El ejercicio induce, de manera independiente del mecanismo de la insulina, la incorporación y el consumo de glucosa por parte del músculo. Al parecer, uno de los mecanismos esenciales está mediado por las variaciones en las concentraciones del Ca²⁺ por medio de la activación de la PKC que involucra al AMPK y otras proteínas que corresponden a la cascada de señales de insulina, como la p38 y la familia de las MAPK.

Durante el consumo de glucosa por parte del músculo, están involucrados los procesos de aumento del aporte de glucosa a la membrana celular, debido al incremento de la capilaridad y perfusión que supone el ejercicio, y seguidamente por una mayor capacidad de transporte de la membrana obtenida por la vía de translocación de los Glut 4 y por los microtúbulos que los trasladan desde el espacio intracelular a la membrana.

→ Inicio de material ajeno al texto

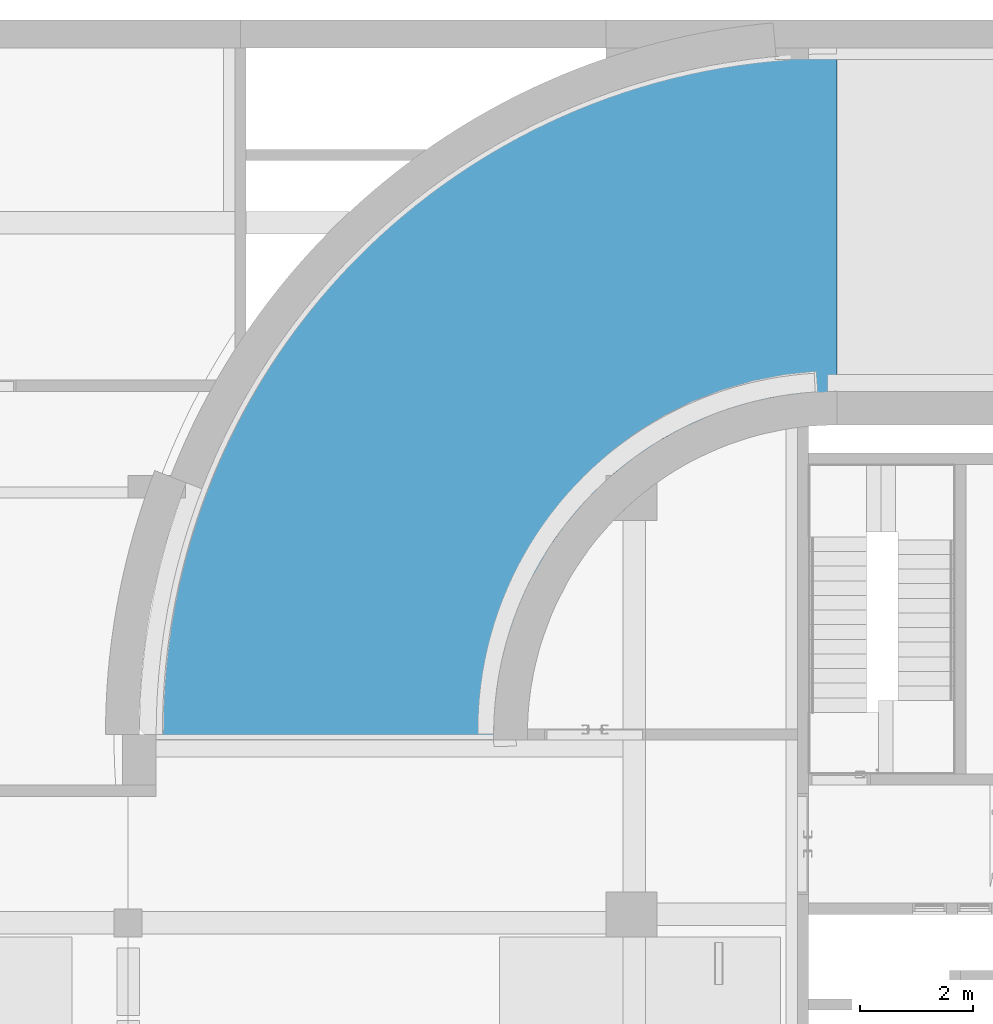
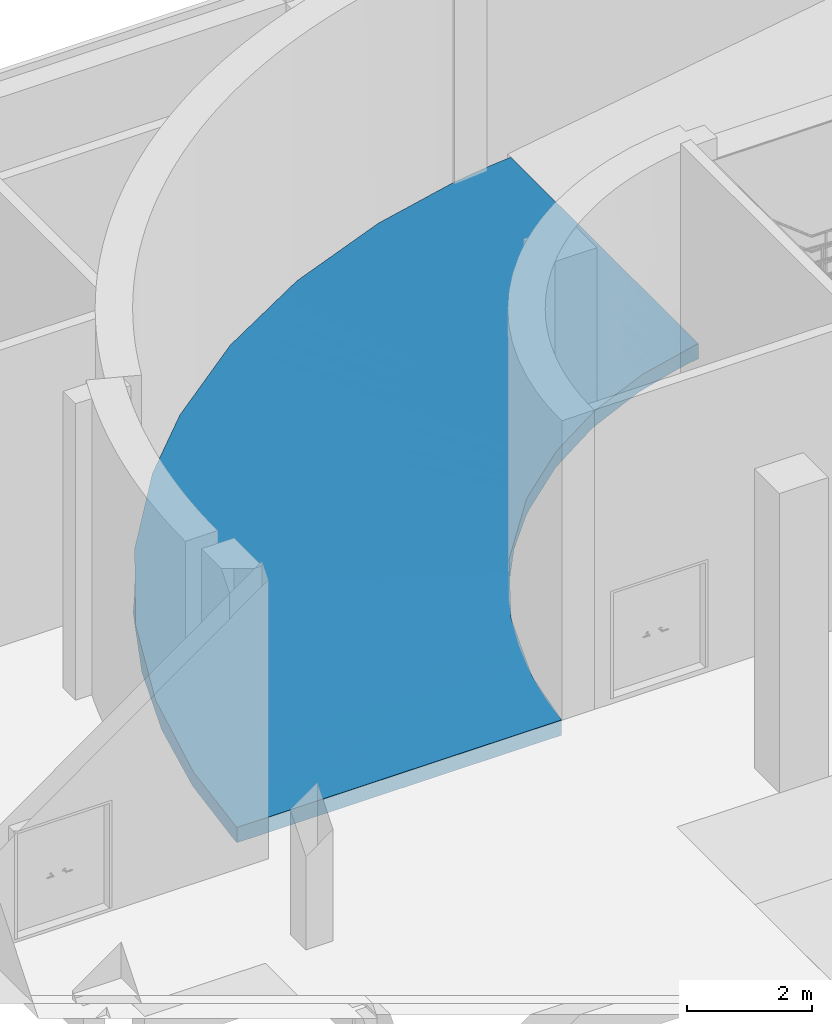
# One storey, part 26 of 29: 1 ramp.
"""IFC2X3 building model written with IfcOpenShell, lengths in millimetres."""

from ifc_helpers import new_model, entity, si_unit, converted_unit, derived_unit, direction, frame, origin, place, context, subcontext, project, spatial, faceted_brep, material, element, save


model = new_model("IFC2X3")

# Units and contexts
model_context = context("Model", 3, precision=0.01, world=origin(), true_north=direction((6.123031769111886e-17, 1.0)))
body_context = subcontext(model_context, "Body", "Model", "MODEL_VIEW")
ifc_project = project(units=[si_unit("LENGTHUNIT", "METRE", prefix="MILLI"), si_unit("AREAUNIT", "SQUARE_METRE"), si_unit("VOLUMEUNIT", "CUBIC_METRE"), converted_unit("PLANEANGLEUNIT", "DEGREE", entity("IfcRatioMeasure", 0.017453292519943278), si_unit("PLANEANGLEUNIT", "RADIAN"), dimensions=[0, 0, 0, 0, 0, 0, 0]), si_unit("MASSUNIT", "GRAM", prefix="KILO"), derived_unit("MASSDENSITYUNIT", [(si_unit("MASSUNIT", "GRAM", prefix="KILO"), 1), (si_unit("LENGTHUNIT", "METRE"), -3)]), derived_unit("MOMENTOFINERTIAUNIT", [(si_unit("LENGTHUNIT", "METRE"), 4)]), si_unit("TIMEUNIT", "SECOND"), si_unit("FREQUENCYUNIT", "HERTZ"), si_unit("THERMODYNAMICTEMPERATUREUNIT", "DEGREE_CELSIUS"), derived_unit("THERMALTRANSMITTANCEUNIT", [(si_unit("MASSUNIT", "GRAM", prefix="KILO"), 1), (si_unit("THERMODYNAMICTEMPERATUREUNIT", "KELVIN"), -1), (si_unit("TIMEUNIT", "SECOND"), -3)]), derived_unit("VOLUMETRICFLOWRATEUNIT", [(si_unit("LENGTHUNIT", "METRE"), 3), (si_unit("TIMEUNIT", "SECOND"), -1)]), derived_unit("MASSFLOWRATEUNIT", [(si_unit("MASSUNIT", "GRAM", prefix="KILO"), 1), (si_unit("TIMEUNIT", "SECOND"), -1)]), derived_unit("ROTATIONALFREQUENCYUNIT", [(si_unit("TIMEUNIT", "SECOND"), -1)]), si_unit("ELECTRICCURRENTUNIT", "AMPERE"), si_unit("ELECTRICVOLTAGEUNIT", "VOLT"), si_unit("POWERUNIT", "WATT"), si_unit("FORCEUNIT", "NEWTON", prefix="KILO"), si_unit("ILLUMINANCEUNIT", "LUX"), si_unit("LUMINOUSFLUXUNIT", "LUMEN"), si_unit("LUMINOUSINTENSITYUNIT", "CANDELA"), derived_unit("USERDEFINED", [(si_unit("MASSUNIT", "GRAM", prefix="KILO"), -1), (si_unit("LENGTHUNIT", "METRE"), -2), (si_unit("TIMEUNIT", "SECOND"), 3), (si_unit("LUMINOUSFLUXUNIT", "LUMEN"), 1)]), derived_unit("SOUNDPOWERUNIT", [(si_unit("MASSUNIT", "GRAM", prefix="KILO"), 1), (si_unit("LENGTHUNIT", "METRE"), 2), (si_unit("TIMEUNIT", "SECOND"), -3)]), derived_unit("SOUNDPRESSUREUNIT", [(si_unit("MASSUNIT", "GRAM", prefix="KILO"), 1), (si_unit("LENGTHUNIT", "METRE"), -1), (si_unit("TIMEUNIT", "SECOND"), -2)]), derived_unit("LINEARVELOCITYUNIT", [(si_unit("LENGTHUNIT", "METRE"), 1), (si_unit("TIMEUNIT", "SECOND"), -1)]), si_unit("PRESSUREUNIT", "PASCAL"), derived_unit("USERDEFINED", [(si_unit("LENGTHUNIT", "METRE"), -2), (si_unit("MASSUNIT", "GRAM", prefix="KILO"), 1), (si_unit("TIMEUNIT", "SECOND"), -2)]), derived_unit("LINEARFORCEUNIT", [(si_unit("MASSUNIT", "GRAM", prefix="KILO"), 1), (si_unit("LENGTHUNIT", "METRE"), 1), (si_unit("TIMEUNIT", "SECOND"), -2), (si_unit("LENGTHUNIT", "METRE"), -1)]), derived_unit("PLANARFORCEUNIT", [(si_unit("MASSUNIT", "GRAM", prefix="KILO"), 1), (si_unit("LENGTHUNIT", "METRE"), 1), (si_unit("TIMEUNIT", "SECOND"), -2), (si_unit("LENGTHUNIT", "METRE"), -2)])], contexts=[model_context])

# Site, building, storey
site_placement = place(None, frame((-14167.972527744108, -657.2125860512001, 0.0)))
site = spatial("IfcSite", under=ifc_project, at=site_placement, Name="Default", CompositionType="ELEMENT")
building_placement = place(site_placement, origin())
building = spatial("IfcBuilding", under=site, at=building_placement, Name="Sample Building", CompositionType="ELEMENT")
storey_placement = place(building_placement, frame((0.0, 0.0, -6100.0)))
storey = spatial("IfcBuildingStorey", under=building, at=storey_placement, Name="지하1층", CompositionType="ELEMENT", Elevation=-6099.999999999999)

# Ramp
ifc_material = material(Name="KBIMS-콘크리트")
ramp_placement = place(storey_placement, origin())
element("IfcRamp", 1, at=ramp_placement, inside=storey, material=ifc_material, Name="바닥:RP111-철근콘크리트구조 램프 (돌음형) 300mm", ObjectType="바닥:RP111-철근콘크리트구조 램프 (돌음형) 300mm", ShapeType="SPIRAL_RAMP", context=body_context, shape_type="Brep", body=[
    faceted_brep([(20738.97232630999, 29926.93576570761, 658.0770551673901), (20734.729595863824, 29860.132539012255, 353.60146371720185), (20621.303414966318, 29718.849789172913, 639.719256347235), (18736.587922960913, 24271.06783358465, -107.41619392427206), (18753.718326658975, 24595.161149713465, 217.48988544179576), (18759.45973356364, 24642.34575360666, -78.86328020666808), (20150.627769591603, 28886.50588303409, 566.288061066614), (20231.888592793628, 29075.037131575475, 282.0079596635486), (20106.178342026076, 28878.763279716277, 264.10958365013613), (19794.576572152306, 28200.80862723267, 206.8347887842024), (19630.789830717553, 27814.18327199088, 474.4990654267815), (19797.62103556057, 28262.24795342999, 511.2146646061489), (21632.885179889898, 31048.6268086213, 768.2238380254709), (21781.870655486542, 31235.57531577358, 786.5816351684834), (21597.358191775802, 31015.527626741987, 464.57139264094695), (21334.914228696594, 30674.729794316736, 731.5082437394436), (18667.972491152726, 23157.234073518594, -193.0749350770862), (18668.309275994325, 23066.934513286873, 100.0), (18689.661538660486, 23448.99117239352, 129.37247136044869), (24608.98378989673, 33572.434733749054, 1069.2917255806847), (24265.750348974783, 33318.997746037, 736.626690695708), (24217.969377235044, 33297.316459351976, 1032.576127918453), (23480.436035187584, 32816.49863790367, 665.0331890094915), (23435.940551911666, 32747.07991055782, 959.14493259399), (23826.954964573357, 33022.1981849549, 995.8605302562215), (22781.646035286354, 32199.299898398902, 593.4396912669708), (23044.92613924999, 32471.961636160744, 922.4293349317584), (23131.04103523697, 32507.899268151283, 629.2364401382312), (22257.553535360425, 31736.400843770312, 539.7445679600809), (22082.856035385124, 31582.101158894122, 521.8461935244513), (22209.37363312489, 31684.88327623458, 834.3119079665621), (22432.251035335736, 31890.70052864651, 557.6429423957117), (20609.019345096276, 29663.858687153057, 335.7030877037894), (21111.860348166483, 30448.954094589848, 407.29659175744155), (21185.928753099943, 30487.781287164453, 713.1504465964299), (21354.60926997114, 30732.240860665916, 435.9339921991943), (23873.09319208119, 33067.74819197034, 700.8299398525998), (21840.107113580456, 31298.814392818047, 493.2087930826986), (21930.856131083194, 31422.52382292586, 804.9394323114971), (27241.348793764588, 34692.31410628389, 1289.5853011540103), (27300.23309577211, 34712.10472866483, 994.363297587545), (26853.74014434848, 34578.10770463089, 958.5665506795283), (19463.958625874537, 27366.118590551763, 437.7834662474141), (19482.974802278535, 27522.85397474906, 149.55999391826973), (19370.351563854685, 27168.339894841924, 121.00708293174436), (18668.309275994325, 23066.93451328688, 0.0), (18668.056645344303, 23112.08443602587, -196.5374715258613), (18668.309275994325, 23066.934513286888, -200.0), (19915.289946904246, 28470.33392996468, 529.5724634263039), (19547.374228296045, 27590.150931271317, 456.1412658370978), (19638.77568721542, 27861.831300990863, 178.19739135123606), (18713.716112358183, 23899.78991356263, -135.96910764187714), (18732.366063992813, 24213.104490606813, 188.117414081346), (18964.22631982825, 25739.18467974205, 6.7954424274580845), (19036.15174380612, 26001.282208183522, 327.6366722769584), (19032.48184858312, 26104.79765512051, 35.34834997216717), (19083.22397999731, 26235.635717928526, 345.99447008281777), (19145.105087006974, 26459.311735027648, 63.901260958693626), (18894.935035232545, 25298.221678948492, 272.5632788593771), (18942.00727142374, 25532.575188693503, 290.92107666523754), (18895.97079107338, 25373.57170436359, -21.757465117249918), (18847.862799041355, 25063.868169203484, 254.20548105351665), (19130.2962161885, 26469.989227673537, 364.35226788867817), (25038.466158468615, 33782.512042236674, 1106.007323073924), (25467.9485270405, 33992.589350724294, 1142.7229205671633), (25390.110295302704, 33977.15031077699, 836.8575952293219), (26068.201560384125, 34288.4572239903, 894.1324009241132), (25897.430895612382, 34202.66665921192, 1179.4385180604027), (26112.172079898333, 34307.705313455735, 1197.7963168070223), (26326.913264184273, 34412.74396769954, 1216.154115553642), (18690.844301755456, 23528.51199354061, -164.52202135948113), (20986.15009739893, 30252.68024273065, 389.39821574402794), (20887.957801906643, 30113.88427285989, 676.4348523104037), (21036.94327750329, 30300.832780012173, 694.7926494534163), (20860.43984663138, 30056.406390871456, 371.4998397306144), (24658.407505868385, 33570.24730010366, 772.4234415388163), (22487.89113516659, 31947.2427295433, 863.6843836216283), (29678.447764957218, 35208.06023961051, 1181.3153701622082), (29667.94641218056, 35207.10619240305, 1180.5064183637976), (29667.94641218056, 35207.10619240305, 1480.5064183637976), (29678.447764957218, 35208.06023961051, 1481.3153701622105), (27746.726047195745, 34846.10175269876, 1030.160044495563), (28155.7843233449, 34971.88424486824, 1363.0164867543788), (28193.21899861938, 34980.0987767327, 1065.956791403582), (29299.26455882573, 35150.35433848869, 1151.869011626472), (28930.58270539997, 35093.60248456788, 1123.2316048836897), (18711.013801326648, 23831.047831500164, 158.74494272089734), (29688.94996382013, 35209.00513667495, 1482.1243215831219), (29688.949963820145, 35209.00513667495, 1182.1243215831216), (20268.29668093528, 29094.591859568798, 584.645859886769), (30517.892982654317, 35254.627744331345, 1545.8195036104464), (30767.972491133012, 35257.21230798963, 1565.0), (30767.972491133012, 35257.21230798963, 1265.0), (30517.892982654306, 35254.627744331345, 1245.819503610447), (26407.247192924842, 34444.11068059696, 922.7698037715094), (26784.131028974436, 34552.52903699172, 1252.8697083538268), (30267.946412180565, 35246.87623716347, 1226.6389270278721), (29978.209132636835, 35231.41099103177, 1204.381623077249), (29978.209132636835, 35231.41099103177, 1504.38162307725), (30267.946412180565, 35246.87623716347, 1526.6389270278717), (25051.064662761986, 33821.49685417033, 808.2201923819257), (25729.155927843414, 34132.803767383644, 865.494998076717), (28911.865367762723, 35089.495218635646, 1421.7614525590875), (28561.90085202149, 35036.85063065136, 1094.5941981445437), (27698.566558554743, 34832.09917557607, 1326.3008939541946), (19950.37745708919, 28539.785953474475, 235.4721862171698), (20032.95885824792, 28678.419906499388, 547.9302622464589), (19297.127421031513, 26918.053909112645, 401.0678670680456), (19380.543023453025, 27142.086249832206, 419.4256666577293), (25682.689711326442, 34097.62800496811, 1161.080719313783), (19257.728325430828, 26813.82581493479, 92.45417194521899), (28533.824845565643, 35030.68973175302, 1392.3889696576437), (22766.408637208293, 32209.602182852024, 893.0568592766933), (18827.71526231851, 25007.95872898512, -50.310372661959), (22070.11488210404, 31553.703549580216, 819.6256701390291), (20483.309094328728, 29467.58483529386, 317.8047116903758), (20385.96559227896, 29302.677836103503, 603.0036587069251), (20503.634503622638, 29510.763812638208, 621.3614575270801), (19213.711818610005, 26694.021568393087, 382.7100674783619), (20357.598843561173, 29271.310983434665, 299.9063356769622), (29289.905890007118, 35148.30070552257, 1451.1339354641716), (18989.079507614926, 25766.928698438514, 309.27887447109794), (30767.97249113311, 32928.6885007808, 1565.0), (30767.97249113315, 29257.212307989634, 1565.0), (30767.97249113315, 29257.212307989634, 1530.3211704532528), (30767.97249113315, 29257.212307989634, 1265.0), (30767.972491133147, 29557.2126170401, 1265.0), (30767.972491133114, 32407.21246251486, 1265.0), (27645.416901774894, 28397.407589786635, 1068.484463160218), (27424.494606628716, 28237.3588466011, 1027.1081634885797), (27620.59625129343, 28382.537446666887, 764.1017799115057), (27191.161986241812, 28069.875031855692, 683.5405221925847), (27203.57231148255, 28077.31010341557, 985.7318638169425), (26982.650016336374, 27917.261360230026, 944.3555641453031), (26761.7277211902, 27757.212617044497, 902.9792644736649), (28336.35853267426, 28732.660243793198, 884.9436606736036), (28574.945959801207, 28849.367842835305, 925.2242875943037), (28383.1405634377, 28751.790241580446, 1192.6133379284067), (27859.183678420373, 28499.245045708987, 804.3824068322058), (28097.77110554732, 28615.952644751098, 844.6630337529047), (27891.32478899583, 28515.53514038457, 1109.8607547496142), (25081.238258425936, 25364.25869775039, 155.72605396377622), (25193.94029253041, 25594.92432992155, 194.6576136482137), (25119.386643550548, 25460.140427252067, 471.35570016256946), (24667.981584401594, 23167.745009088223, -184.7390973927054), (24679.258458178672, 23350.244703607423, -157.0282372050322), (24690.535331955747, 23532.744398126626, -129.31737701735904), (24688.89513099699, 23338.23833194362, 141.26173967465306), (26714.627006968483, 27715.763655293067, 893.4762097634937), (26714.627023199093, 27715.76366972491, 593.4762130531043), (26761.7277211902, 27757.212617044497, 602.9792644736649), (26218.762296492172, 27163.80490956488, 780.8187946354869), (26106.464085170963, 27036.29801815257, 755.0302040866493), (26131.23977064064, 27120.886068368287, 467.17847440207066), (24749.658822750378, 24152.149787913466, 265.0469586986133), (24752.337573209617, 24138.380107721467, -36.947828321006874), (24795.874800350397, 24315.64861783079, 290.83555138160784), (26667.95514177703, 27673.832475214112, 883.9731568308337), (26667.95514177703, 27673.832475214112, 583.9731568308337), (25994.165873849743, 26908.791126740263, 729.2416135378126), (25881.86766252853, 26781.284235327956, 703.4530229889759), (25981.441426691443, 26912.394857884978, 428.2469289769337), (24668.640567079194, 23066.934513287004, 100.0), (30617.08072963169, 29243.661246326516, 1542.022749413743), (30577.068621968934, 29254.22433952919, 1236.0944710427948), (25306.642326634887, 25825.589962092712, 233.58917333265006), (25419.344360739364, 26056.255594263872, 272.5207330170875), (25444.47804737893, 26056.958885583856, 574.5100663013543), (30496.254117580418, 29232.81023064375, 1523.6237108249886), (28137.232676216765, 28633.66269098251, 1151.2370463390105), (30386.40684531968, 29245.2668131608, 1207.188617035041), (30360.39493080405, 29220.60919197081, 1502.9355662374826), (30224.535744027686, 29208.40815329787, 1482.2474216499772), (25688.296600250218, 26504.5727293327, 651.875840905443), (25607.023749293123, 26355.368114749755, 626.0872493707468), (25681.84473879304, 26495.41243691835, 350.38383812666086), (25769.569451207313, 26653.777343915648, 677.6644324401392), (29952.817370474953, 29184.00607595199, 1440.8711324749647), (30188.75857397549, 29219.833536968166, 1176.9781340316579), (29085.379859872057, 28996.450775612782, 1005.7854863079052), (29340.59680990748, 29069.99224200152, 1046.0660856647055), (29155.07372379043, 29014.760895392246, 1316.742236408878), (29418.086360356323, 29087.182446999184, 1358.118539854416), (29595.81375994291, 29143.53370839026, 1086.3466850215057), (28892.061087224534, 28942.339343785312, 1275.3659329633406), (28830.162909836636, 28922.909309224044, 965.5048869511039), (24842.090777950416, 24479.14744774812, 316.6241440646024), (24791.586066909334, 24379.016428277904, 0.0), (24709.149694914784, 23609.542150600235, 182.5234793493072), (24713.0890795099, 23897.743787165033, -73.89565664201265), (24729.40425883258, 23880.84596925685, 223.78521902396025), (24701.812205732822, 23715.244092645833, -101.60651682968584), (28629.048450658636, 28869.917792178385, 1233.9896295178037), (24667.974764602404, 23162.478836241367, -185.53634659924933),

En la contracción repetida del músculo se incorporan diacilgliceroles, que inhiben la cascada de señales de insulina y, por lo tanto, funcionan como proteínas moderadoras de la entrada de glucosa al citoplasma celular.

Aspectos ligados al entrenamiento físico

El entrenamiento físico incrementa la posibilidad de metabolizar u oxidar ácidos grasos, gracias al aumento de la capilaridad que posee el tejido muscular entrenado. Éste es capaz de modificar el umbral oxidativo y, ante una misma carga, el músculo entrenado puede cambiar la proporción oxidativa de grasas y glucógeno. Por otro lado, se ha observado que el exceso de glucosa plasmática, acompañado de elevaciones de insulina, inhibe la oxidación de ácidos grasos en el músculo. Este efecto no sucede a la inversa, es decir, ante un aumento de ácidos grasos circulantes no aumenta la capacidad oxidativa de grasas por parte del músculo durante el ejercicio. Esto es muy importante ante los diferentes estados fisiopatológicos relacionados con la RI.